Miniature FSCV Devices: A Review

• Published in: IEEE sensors journal Vol. 21; no. 12; pp. 13006 - 13018
• Main Authors: Corva, Dean M., Adams, Scott D., Bennet, Kevin E., Berk, Michael, Kouzani, Abbas Z.
• Format: Journal Article
• Language: English
• Published: New York IEEE 15.06.2021; The Institute of Electrical and Electronics Engineers, Inc. (IEEE)
• Subjects: Brain; Current measurement; Data processing; device; Electric potential; Electrodes; Fast-scan cyclic voltammetry; Miniaturization; Monitoring; neural engineering; neurochemical sensing; neuroscience; neurotransmitter; Neurotransmitters; Onboard data processing; Post-processing; Power capacitors; Sensors; Target recognition; Temporal resolution; Waveforms
• ISSN: 1530-437X; 1558-1748
• DOI: 10.1109/JSEN.2021.3069950

Fast-scan cyclic voltammetry (FSCV) is an electrochemical sensing method used for measuring the concentration of neurotransmitters within the brain. FSCV is typically conducted using benchtop equipment, providing accurate and high temporal resolution measurements. However, the large size and high cost of benchtop FSCV systems pose significant limitations in widespread preclinical use of FSCV. Recent technological improvements have facilitated the miniaturization of FSCV equipment, creating systems that can be mounted on the subject as they are small and lightweight.
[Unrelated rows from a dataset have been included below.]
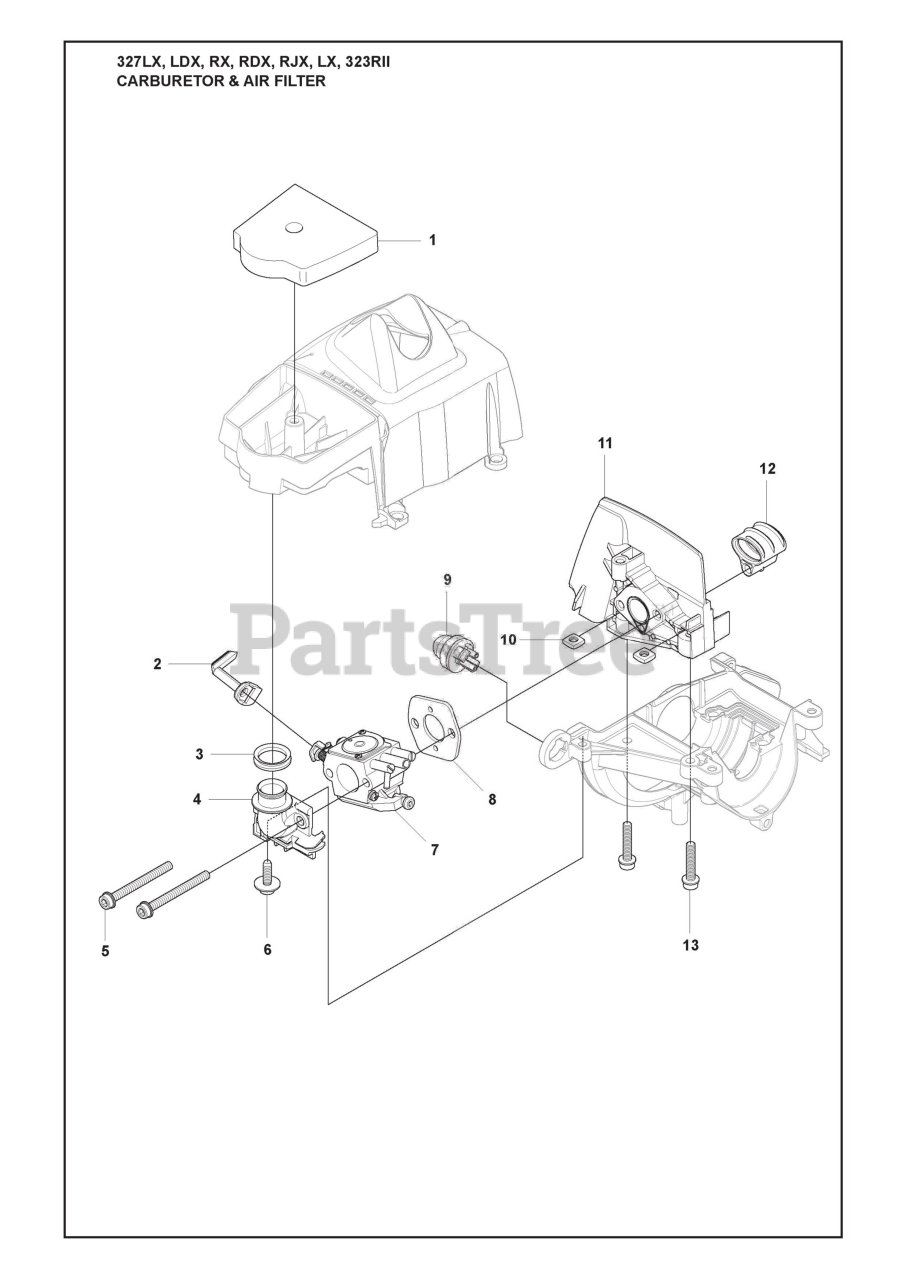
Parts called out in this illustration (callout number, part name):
1	AIR FILTER
2	CHOKE CONTROL
7	CARBURETOR
9	AIR PURGE BUBBLE
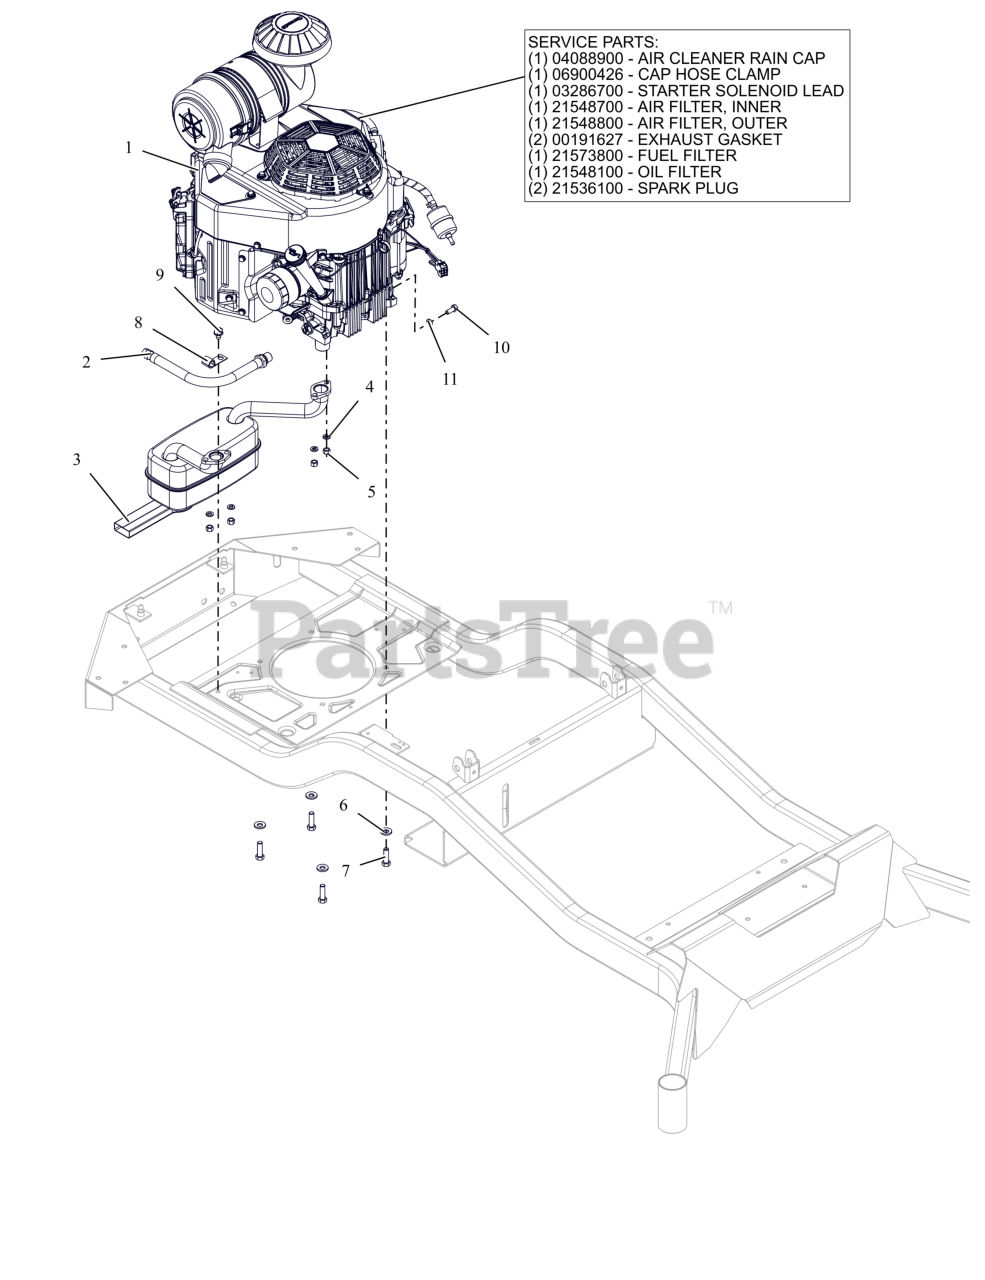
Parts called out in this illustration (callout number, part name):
1	ENGINE, KAWASAKI FX730
1	CAP, KAW 11065-7025
1	CLAMP, HOSE #36 SS 1.813-2.75
1	LEAD - STARTER SOLENOID
1	FILTER, INNER - KAW
1	FILTER, OUTER
1	GASKET, MUFFLER S/O
1	FUEL FILTER-KAWASAKI FR
1	OIL FILTER, KAWASAKI FR
1	PLUG, SPARK
2	HOSE, OIL DRAIN
3	MUFFLER, KAWASAKI
4	WSHR,LK-REG .312X.078 ZCC
5	NUT-LK-TOP-FLG M8 ZCC
6	WASHER, 3/8" SPRING DISC
7	BLT, HEX .38-16X1.25 G5 ZCC NT
8	J-CLAMP
9	SCR,TAP .375-16X.50 HWH TR ZCC
10	BLT, HEX M8-1.25X20 G8.8 ZCC
11	WSHR,LK-REG .312X.078 ZCC

One key remaining bottleneck in the emerging miniaturized FSCV systems is that their data typically needs to be transmitted to an external computer for analysis. This paper presents a review on the current miniature FSCV devices. It discusses the latest improvements in voltage scan waveforms that help increase the sensitivity of measuring specific analytes, for use in miniaturized FSCV. It also tabulates analytes that have been detected using FSCV. It also details current issues with FSCV and the latest achievements in post-processing of FSCV data to better identify target analytes. Furthermore, the emerging miniature FSCV devices that have integrated on-board data processing capabilities to mitigate external data processing are discussed. These advances can accelerate neurochemistry research, reducing time spent analysing data on external computers, and allowing for investigation into questions on neurotransmitter dynamics in target brain regions.